Omgekeerd is de menselijke geest niet materieel en bezit daarom geen van de specifieke eigenschappen van materie. Volgens de islamitische religie is de dood van mensen niet hun volledige vernietiging. In feite leert het ons dat met de dood de onvergankelijke geest zijn banden met het lichaam verbreekt, dat ontbindt en verdwijnt, in tegenstelling tot de geest die zijn bestaan ​​voortzet zonder het lichaam. God de Allerhoogste zegt:

"Degenen die de opstanding ontkennen, zeggen: 'Hoe zullen we opnieuw worden geschapen nadat we zijn gestorven en onze lichamen zijn ontbonden en verspreid over de aarde?'... O Profeet, antwoord hen: 'De Engel des Doods, gedelegeerd aan u, zal u scheiden van uw lichamen {daarom zult u uzelf niet vernietigen}" (Koran, XXXII: 10 -11).

De Profeet zei: “Als je sterft, vernietig je jezelf niet, maar ga je van de ene verblijfplaats naar de andere.".

Volgens de islam zet de mens na de dood zijn leven voort volgens een specifieke modaliteit: degene die goed heeft gehandeld, geniet van de gelukzaligheid en de gaven van God, degene die kwaad heeft gedaan, wordt in plaats daarvan ten prooi aan kwellingen. Als er dan het Universele Oordeel zal zijn, zal iedereen zich voor God moeten verantwoorden voor de daden die zij tijdens hun aardse leven hebben verricht. De wereld waarin de mens leeft vanaf zijn dood totdat de Dag des Oordeels wordt genoemd “Barzakh”. God de Allerhoogste zegt:

"Achter de mensen, na hun dood, zal er een barzakh {tussenfase, die zal duren} zijn tot de dag dat ze worden opgewekt" (Koran, XXXII: 10-11).
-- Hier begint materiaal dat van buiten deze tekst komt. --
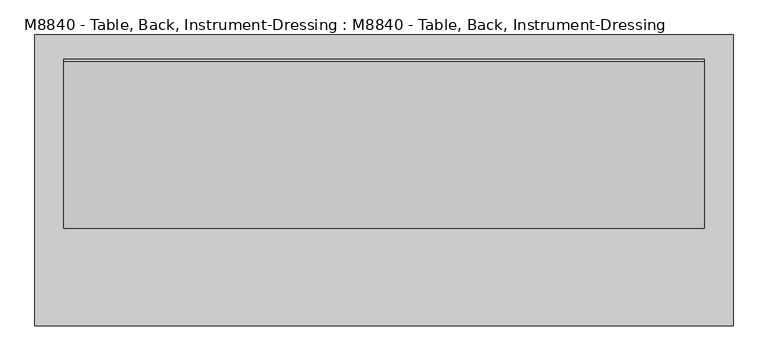
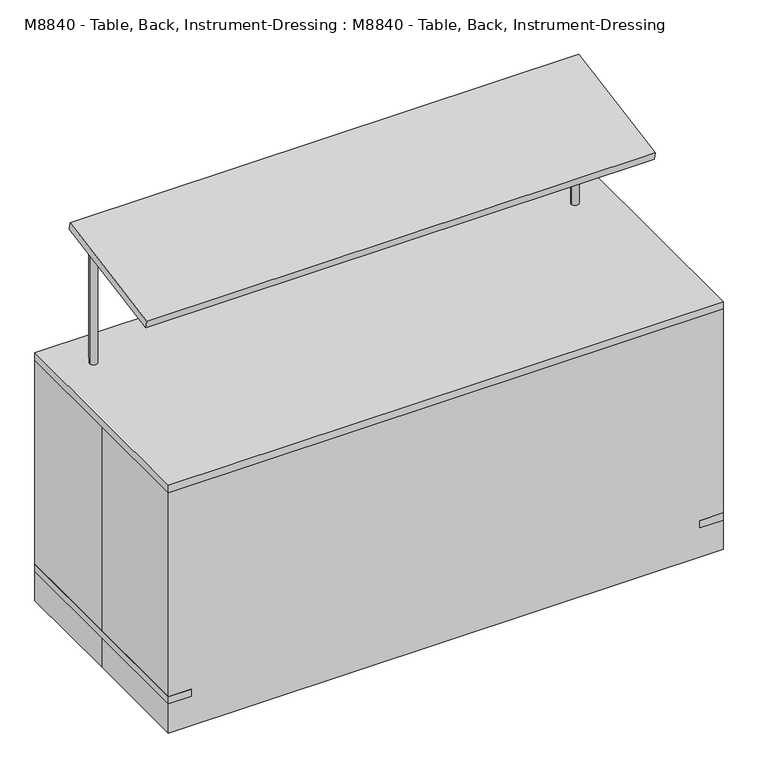
"""IFC4 building model written with IfcOpenShell, lengths in millimetres: proxy geometry, M8840 - Table, Back, Instrument-Dressing : M8840 - Table, Back, Instrument-Dressing."""

from ifc_helpers import new_model, si_unit, point, frame, frame_2d, origin, origin_with_axes, place, context, project, spatial, polyline, circle_curve, ellipse_curve, trimmed, segment, composite_curve, outline, extrude, source, transform, mapped, element, save
from ifc_brep_helpers import plane_surface, cylinder_surface, advanced_brep


def m8840_table_back_instrument_dressing_m8840_table_back_7214e6ad(model_context):
    return source(origin(), model_context, "Body", "SolidModel", [
        advanced_brep(
        [(838.2, 312.4393375, 1331.1669319), (-838.2, 312.4393375, 1331.1669319), (-838.2, -125.5940422, 1253.9298286), (838.2, -125.5940422, 1253.9298286), (838.2, 316.8500012, 1306.1528149), (838.2, -121.1833785, 1228.9157117), (-838.2, -121.1833785, 1228.9157117), (-838.2, 316.8500012, 1306.1528149), (-806.45, 255.8677573, 1295.4), (-781.05, 255.8677573, 1295.4), (806.45, 255.8677573, 1295.4), (781.05, 255.8677573, 1295.4), (-806.45, 255.8677573, 863.6), (-781.05, 255.8677573, 863.6), (806.45, 255.8677573, 863.6), (781.05, 255.8677573, 863.6)],
        [
            (0, 1),
            (1, 2),
            (2, 3),
            (3, 0),
            (4, 5),
            (5, 6),
            (6, 7),
            (7, 4),
            (8, 9, ellipse_curve(frame((-793.75, 255.8677573, 1295.4), z_axis=(0.0, -0.17364817766692925, 0.9848077530122082), x_axis=(0.0, 0.9848077530122081, 0.17364817766692942)), 12.895918, 12.7)),
            (9, 8, ellipse_curve(frame((-793.75, 255.8677573, 1295.4), z_axis=(0.0, -0.17364817766692925, 0.9848077530122082), x_axis=(0.0, 0.9848077530122081, 0.17364817766692942)), 12.895918, 12.7)),
            (10, 11, ellipse_curve(frame((793.75, 255.8677573, 1295.4), z_axis=(0.0, -0.17364817766692925, 0.9848077530122082), x_axis=(0.0, 0.9848077530122081, 0.17364817766692942)), 12.895918, 12.7)),
            (11, 10, ellipse_curve(frame((793.75, 255.8677573, 1295.4), z_axis=(0.0, -0.17364817766692925, 0.9848077530122082), x_axis=(0.0, 0.9848077530122081, 0.17364817766692942)), 12.895918, 12.7)),
            (0, 4),
            (7, 1),
            (6, 2),
            (5, 3),
            (12, 13, circle_curve(frame((-793.75, 255.8677573, 863.6), z_axis=(0.0, 0.0, -1.0), x_axis=(1.0, 0.0, 0.0)), 12.7)),
            (13, 12, circle_curve(frame((-793.75, 255.8677573, 863.6), z_axis=(0.0, 0.0, -1.0), x_axis=(1.0, 0.0, 0.0)), 12.7)),
            (14, 15, circle_curve(frame((793.75, 255.8677573, 863.6), z_axis=(0.0, 0.0, -1.0), x_axis=(-1.0, 0.0, 0.0)), 12.7)),
            (15, 14, circle_curve(frame((793.75, 255.8677573, 863.6), z_axis=(0.0, 0.0, -1.0), x_axis=(-1.0, 0.0, 0.0)), 12.7)),
            (13, 9),
            (8, 12),
            (15, 11),
            (10, 14),
        ],
        [
            plane_surface(frame((-838.2, 312.4393375, 1331.1669319), z_axis=(0.0, -0.17364817766692925, 0.9848077530122082), x_axis=(-1.0, 0.0, 0.0))),
            plane_surface(frame((-838.2, 316.8500012, 1306.1528149), z_axis=(0.0, 0.17364817766692925, -0.9848077530122082), x_axis=(1.0, 0.0, 0.0))),
            plane_surface(frame((838.2, 312.4393375, 1331.1669319), z_axis=(0.0, 0.9848077530122084, 0.17364817766692864), x_axis=(0.0, 0.17364817766692864, -0.9848077530122084))),
            plane_surface(frame((-838.2, 312.4393375, 1331.1669319), z_axis=(-1.0, 0.0, 0.0), x_axis=(0.0, 0.17364817766692864, -0.9848077530122084))),
            plane_surface(frame((-838.2, -125.5940422, 1253.9298286), z_axis=(0.0, -0.9848077530122079, -0.17364817766693125), x_axis=(0.0, 0.17364817766693125, -0.9848077530122079))),
            plane_surface(frame((838.2, -125.5940422, 1253.9298286), z_axis=(1.0, 0.0, 0.0), x_axis=(0.0, 0.17364817766692864, -0.9848077530122084))),
            plane_surface(frame((-781.05, 255.8677573, 863.6), z_axis=(0.0, 0.0, -1.0), x_axis=(0.0, -1.0, 0.0))),
            cylinder_surface(frame((-793.75, 255.8677573, 863.6), z_axis=(0.0, 0.0, 1.0), x_axis=(1.0, 0.0, 0.0)), 12.7),
            cylinder_surface(frame((793.75, 255.8677573, 0.0), z_axis=(0.0, 0.0, 1.0), x_axis=(-1.0, 0.0, 0.0)), 12.7),
        ],
        [
            (0, [[1, 2, 3, 4]]),
            (1, [[5, 6, 7, 8], [9, 10], [11, 12]]),
            (2, [[-1, 13, -8, 14]]),
            (3, [[-2, -14, -7, 15]]),
            (4, [[-3, -15, -6, 16]]),
            (5, [[-4, -16, -5, -13]]),
            (6, [[17, 18]]),
            (6, [[19, 20]]),
            (7, [[-18, 21, -9, 22]]),
            (7, [[-17, -22, -10, -21]]),
            (8, [[-20, 23, -11, 24]]),
            (8, [[-19, -24, -12, -23]]),
        ],
    ),
        extrude(outline(polyline([(869.95, 290.561646), (863.6, 290.561646), (863.6, 317.7907506), (869.95, 317.7907506), (869.95, 290.561646)])), frame((0.0, 0.0, 50.8), z_axis=(0.0, 0.0, 1.0), x_axis=(1.0, 0.0, 0.0)), (0.0, 0.0, 1.0), 50.8),
        extrude(outline(polyline([(889.0, 290.561646), (882.65, 290.561646), (882.65, 317.7907506), (889.0, 317.7907506), (889.0, 290.561646)])), frame((0.0, 0.0, 50.8), z_axis=(0.0, 0.0, 1.0), x_axis=(1.0, 0.0, 0.0)), (0.0, 0.0, 1.0), 50.8),
        extrude(outline(composite_curve([segment(trimmed(circle_curve(frame_2d((304.8, 50.8)), 50.8), [point((355.6, 50.8))], [point((254.0, 50.8))], False, "CARTESIAN"), True, "CONTINUOUS"), segment(trimmed(circle_curve(frame_2d((304.8, 50.8)), 50.8), [point((254.0, 50.8))], [point((355.6, 50.8))], False, "CARTESIAN"), True, "CONTINUOUS")], self_intersect=False)), frame((869.95, 0.0, 0.0), z_axis=(1.0, 0.0, 0.0), x_axis=(0.0, 1.0, 0.0)), (0.0, 0.0, 1.0), 12.7),
        extrude(outline(polyline([(-882.65, 290.561646), (-889.0, 290.561646), (-889.0, 317.7907506), (-882.65, 317.7907506), (-882.65, 290.561646)])), frame((0.0, 0.0, 50.8), z_axis=(0.0, 0.0, 1.0), x_axis=(1.0, 0.0, 0.0)), (0.0, 0.0, 1.0), 50.8),
        extrude(outline(polyline([(-863.6, 290.561646), (-869.95, 290.561646), (-869.95, 317.7907506), (-863.6, 317.7907506), (-863.6, 290.561646)])), frame((0.0, 0.0, 50.8), z_axis=(0.0, 0.0, 1.0), x_axis=(1.0, 0.0, 0.0)), (0.0, 0.0, 1.0), 50.8),
        extrude(outline(composite_curve([segment(trimmed(circle_curve(frame_2d((304.8, 50.8)), 50.8), [point((355.6, 50.8))], [point((254.0, 50.8))], False, "CARTESIAN"), True, "CONTINUOUS"), segment(trimmed(circle_curve(frame_2d((304.8, 50.8)), 50.8), [point((254.0, 50.8))], [point((355.6, 50.8))], False, "CARTESIAN"), True, "CONTINUOUS")], self_intersect=False)), frame((-882.65, 0.0, 0.0), z_axis=(1.0, 0.0, 0.0), x_axis=(0.0, 1.0, 0.0)), (0.0, 0.0, 1.0), 12.7),
        extrude(outline(polyline([(869.95, -319.038354), (863.6, -319.038354), (863.6, -291.8092494), (869.95, -291.8092494), (869.95, -319.038354)])), frame((0.0, 0.0, 50.8), z_axis=(0.0, 0.0, 1.0), x_axis=(1.0, 0.0, 0.0)), (0.0, 0.0, 1.0), 50.8),
        extrude(outline(polyline([(889.0, -319.038354), (882.65, -319.038354), (882.65, -291.8092494), (889.0, -291.8092494), (889.0, -319.038354)])), frame((0.0, 0.0, 50.8), z_axis=(0.0, 0.0, 1.0), x_axis=(1.0, 0.0, 0.0)), (0.0, 0.0, 1.0), 50.8),
        extrude(outline(composite_curve([segment(trimmed(circle_curve(frame_2d((-304.8, 50.8)), 50.8), [point((-254.0, 50.8))], [point((-355.6, 50.8))], False, "CARTESIAN"), True, "CONTINUOUS"), segment(trimmed(circle_curve(frame_2d((-304.8, 50.8)), 50.8), [point((-355.6, 50.8))], [point((-254.0, 50.8))], False, "CARTESIAN"), True, "CONTINUOUS")], self_intersect=False)), frame((869.95, 0.0, 0.0), z_axis=(1.0, 0.0, 0.0), x_axis=(0.0, 1.0, 0.0)), (0.0, 0.0, 1.0), 12.7),
        extrude(outline(polyline([(-882.65, -319.038354), (-889.0, -319.038354), (-889.0, -291.8092494), (-882.65, -291.8092494), (-882.65, -319.038354)])), frame((0.0, 0.0, 50.8), z_axis=(0.0, 0.0, 1.0), x_axis=(1.0, 0.0, 0.0)), (0.0, 0.0, 1.0), 50.8),
        extrude(outline(polyline([(-863.6, -319.038354), (-869.95, -319.038354), (-869.95, -291.8092494), (-863.6, -291.8092494), (-863.6, -319.038354)])), frame((0.0, 0.0, 50.8), z_axis=(0.0, 0.0, 1.0), x_axis=(1.0, 0.0, 0.0)), (0.0, 0.0, 1.0), 50.8),
        extrude(outline(composite_curve([segment(trimmed(circle_curve(frame_2d((-304.8, 50.8)), 50.8), [point((-254.0, 50.8))], [point((-355.6, 50.8))], False, "CARTESIAN"), True, "CONTINUOUS"), segment(trimmed(circle_curve(frame_2d((-304.8, 50.8)), 50.8), [point((-355.6, 50.8))], [point((-254.0, 50.8))], False, "CARTESIAN"), True, "CONTINUOUS")], self_intersect=False)), frame((-882.65, 0.0, 0.0), z_axis=(1.0, 0.0, 0.0), x_axis=(0.0, 1.0, 0.0)), (0.0, 0.0, 1.0), 12.7),
        extrude(outline(polyline([(914.4, 381.0), (914.4, -381.0), (-914.4, -381.0), (-914.4, 381.0), (914.4, 381.0)])), frame((0.0, 0.0, 838.2), z_axis=(0.0, 0.0, 1.0), x_axis=(1.0, 0.0, 0.0)), (0.0, 0.0, 1.0), 25.4),
        extrude(outline(composite_curve([segment(trimmed(circle_curve(frame_2d((876.3, -304.8)), 25.4), [point((876.3, -279.4))], [point((850.9, -304.8))], True, "CARTESIAN"), True, "CONTINUOUS"), segment(polyline([(850.9, -304.8), (-850.9, -304.8)]), True, "CONTINUOUS"), segment(trimmed(circle_curve(frame_2d((-876.3, -304.8)), 25.4), [point((-850.9, -304.8))], [point((-876.3, -279.4))], True, "CARTESIAN"), True, "CONTINUOUS"), segment(polyline([(-876.3, -279.4), (-876.3, 279.4)]), True, "CONTINUOUS"), segment(trimmed(circle_curve(frame_2d((-876.3, 304.8)), 25.4), [point((-876.3, 279.4))], [point((-850.9, 304.8))], True, "CARTESIAN"), True, "CONTINUOUS"), segment(polyline([(-850.9, 304.8), (850.9, 304.8)]), True, "CONTINUOUS"), segment(trimmed(circle_curve(frame_2d((876.3, 304.8)), 25.4), [point((850.9, 304.8))], [point((876.3, 279.4))], True, "CARTESIAN"), True, "CONTINUOUS"), segment(polyline([(876.3, 279.4), (876.3, -279.4)]), True, "CONTINUOUS")], self_intersect=False)), frame((0.0, 0.0, 279.4), z_axis=(0.0, 0.0, 1.0), x_axis=(1.0, 0.0, 0.0)), (0.0, 0.0, 1.0), 25.4),
        extrude(outline(composite_curve([segment(trimmed(circle_curve(frame_2d((-876.3, -304.8)), 25.4), [point((-901.7, -304.8))], [point((-850.9, -304.8))], False, "CARTESIAN"), True, "CONTINUOUS"), segment(trimmed(circle_curve(frame_2d((-876.3, -304.8)), 25.4), [point((-850.9, -304.8))], [point((-901.7, -304.8))], False, "CARTESIAN"), True, "CONTINUOUS")], self_intersect=False)), frame((0.0, 0.0, 127.0), z_axis=(0.0, 0.0, 1.0), x_axis=(1.0, 0.0, 0.0)), (0.0, 0.0, 1.0), 711.2),
        extrude(outline(composite_curve([segment(trimmed(circle_curve(frame_2d((876.3, -304.8)), 25.4), [point((901.7, -304.8))], [point((850.9, -304.8))], False, "CARTESIAN"), True, "CONTINUOUS"), segment(trimmed(circle_curve(frame_2d((876.3, -304.8)), 25.4), [point((850.9, -304.8))], [point((901.7, -304.8))], False, "CARTESIAN"), True, "CONTINUOUS")], self_intersect=False)), frame((0.0, 0.0, 127.0), z_axis=(0.0, 0.0, 1.0), x_axis=(1.0, 0.0, 0.0)), (0.0, 0.0, 1.0), 711.2),
        extrude(outline(composite_curve([segment(trimmed(circle_curve(frame_2d((-876.3, 304.8)), 25.4), [point((-901.7, 304.8))], [point((-850.9, 304.8))], False, "CARTESIAN"), True, "CONTINUOUS"), segment(trimmed(circle_curve(frame_2d((-876.3, 304.8)), 25.4), [point((-850.9, 304.8))], [point((-901.7, 304.8))], False, "CARTESIAN"), True, "CONTINUOUS")], self_intersect=False)), frame((0.0, 0.0, 127.0), z_axis=(0.0, 0.0, 1.0), x_axis=(1.0, 0.0, 0.0)), (0.0, 0.0, 1.0), 711.2),
        extrude(outline(composite_curve([segment(trimmed(circle_curve(frame_2d((876.3, 304.8)), 25.4), [point((901.7, 304.8))], [point((850.9, 304.8))], False, "CARTESIAN"), True, "CONTINUOUS"), segment(trimmed(circle_curve(frame_2d((876.3, 304.8)), 25.4), [point((850.9, 304.8))], [point((901.7, 304.8))], False, "CARTESIAN"), True, "CONTINUOUS")], self_intersect=False)), frame((0.0, 0.0, 127.0), z_axis=(0.0, 0.0, 1.0), x_axis=(1.0, 0.0, 0.0)), (0.0, 0.0, 1.0), 711.2),
        extrude(outline(polyline([(-838.2, 381.0), (-838.2, -381.0), (-914.4, -381.0), (-914.4, 381.0), (-838.2, 381.0)])), frame((0.0, 0.0, 101.6), z_axis=(0.0, 0.0, 1.0), x_axis=(1.0, 0.0, 0.0)), (0.0, 0.0, 1.0), 25.4),
        extrude(outline(polyline([(838.2, 381.0), (914.4, 381.0), (914.4, -381.0), (838.2, -381.0), (838.2, 381.0)])), frame((0.0, 0.0, 101.6), z_axis=(0.0, 0.0, 1.0), x_axis=(1.0, 0.0, 0.0)), (0.0, 0.0, 1.0), 25.4),
        extrude(outline(polyline([(-914.4, 381.0), (914.4, 381.0), (914.4, -381.0), (-914.4, -381.0), (-914.4, 0.0), (-914.4, 381.0)])), origin_with_axes(), (0.0, 0.0, 1.0), 863.6),
    ])


if __name__ == "__main__":
    model = new_model("IFC4")
    model_context = context("Model", 3, world=origin())
    ifc_project = project(units=[si_unit("LENGTHUNIT", "METRE", prefix="MILLI")], contexts=[model_context])
    site = spatial("IfcSite", under=ifc_project)
    building = spatial("IfcBuilding", under=site)
    placement = place(None, origin())
    m8840_table_back_instrument_dressing_m8840_table_back_shape = m8840_table_back_instrument_dressing_m8840_table_back_7214e6ad(model_context)
    element("IfcBuildingElementProxy", 1, Name="M8840 - Table, Back, Instrument-Dressing : M8840 - Table, Back, Instrument-Dressing", ObjectType="M8840 - Table, Back, Instrument-Dressing : M8840 - Table, Back, Instrument-Dressing", at=placement, inside=building, context=model_context, shape_type="MappedRepresentation", body=[
        mapped(m8840_table_back_instrument_dressing_m8840_table_back_shape, transform((0.0, 0.0, 0.0), x_axis=(1.0, 0.0, 0.0), y_axis=(0.0, 1.0, 0.0), z_axis=(0.0, 0.0, 1.0))),
    ])
    save(model, "model.ifc")

# Revit data of these elements
# Type "M8840 - Table, Back, Instrument-Dressing : M8840 - Table, Back, Instrument-Dressing"
#   JSN = "M8840"
#   Nomenclature = "Table, Back, Instrument/Dressing"
#   UTIL_1_WaterDrain = "-"
#   UTIL_2_Elec = "-"
#   UTIL_3_MedGas = "-"
#   UTIL_4_MiscGas = "-"
#   UTIL_5_NonMedGas = "-"
#   UTIL_6_Misc = "-"
#   Utility_6 = "-"
#   Utility_5 = "-"
#   Utility_4 = "-"
#   Utility_3 = "-"
#   Utility_2 = "-"
#   Utility_1 = "-"
#   Unit_Issue = "EA"
#   Price_Date = "02/05/2014"
#   Nomenclature = "Table, Back, Instrument/Dressing"
#   NSN = "6515"
#   Location [instance default] = ""
#   JSN_Name = "M8840"
#   Hertz_swit = "0"
#   Hertz_dep = "0"
#   Hertz = "0"
#   Desc = "A specialty back table for large cases such as orthopedics, spinal fusions, neuro and craniotomies. The table has a pneumatic tuck-away cantilevered shelf which can hold multiple trays and is angled for clear observation of instruments. It comes with 4\" diameter heavy-duty ball bearing brake/swivel casters. Construction is all stainless steel."
#   CAT_VA = "-"
#   CAT_Navy = "C"
#   CAT_IHS = "C"
#   CAT_Army = "C"
#   CAT_AF = "-"
#   BTUPerHour = "0"
#   Width_IN = 72
#   Weight_AV = 0
#   Watts2 = 0
#   Watts1 = 0
#   Volts2 = 0
#   Volts1 = 0
#   Phase2 = 0
#   Phase1 = 0
#   Height_IN = 34
#   Depth_IN = 30
#   Amps2 = 0
#   Amps1 = 0
# Element 1 (IfcBuildingElementProxy, "M8840 - Table, Back, Instrument-Dressing : M8840 - Table, Back, Instrument-Dressing")
#   Materials on its faces: "EquipSpace"
# Materials
#   "EquipSpace": class "Unassigned", colour RGB 221 217 195, transparency 0.5

In een ander vers zegt hij:

"En beschouw degenen die op de weg van God zijn gevallen niet als dood, nee, zij leven en worden ondersteund door hun Heer" (Koran, III: 169).

Het zal daarom een ​​Paradijs zijn dat losstaat van elke voorwaarde die verband houdt met de dimensie van tijd, aangezien het berust in God zelf. Van degenen die in het leven niet het rechte pad volgden, wordt gezegd:

   Op die dag zullen hun excuses degenen die onrechtvaardig hebben gehandeld niet helpen [Koran, XXX, 57].

     God zal tegen zijn engelen zeggen: «Gooi elke koppige ongelovige, vijand van het goede, overtreder en scepticus in de hel...» [Koran, L, 24-25].

     Degene aan wie het boek aan de linkerkant zal worden gegeven... God zal tegen de demonen zeggen: «Neem het en stop het in blokken, en verbrand het dan in de oven» [Koran, LXIX, 25, 30-31].          

Over de Dag des Oordeels, wiens "gewicht" de juiste zal zijn en wiens "kennis alleen bij God is" (VII, 187), zegt Imam Ali:

Hij zal hen [mannen] in twee groepen verdelen: de gelovigen en de deugdzamen, de ongelovigen en de zondaars. Hij zal de eersten tot Zich roepen en zal ze altijd in Zijn Huis houden. Daar zullen ze voor altijd wonen... Maar de ongelovigen en zondaars zullen in de hel worden geworpen [Serm. Nee. 108].            

Dag des Oordeels markeert het einde van de ene wereld en is tegelijkertijd het begin van een nieuwe, zoals dit is opgenomen in het Boek van God en de Mahdi zelf. De koran zegt:

     Zoals we de eerste schepping voortbrachten, zo zullen we haar reproduceren op de Dag der Opstanding. Dit is een belofte... en Wij zullen het houden [Koran, XXI, 104].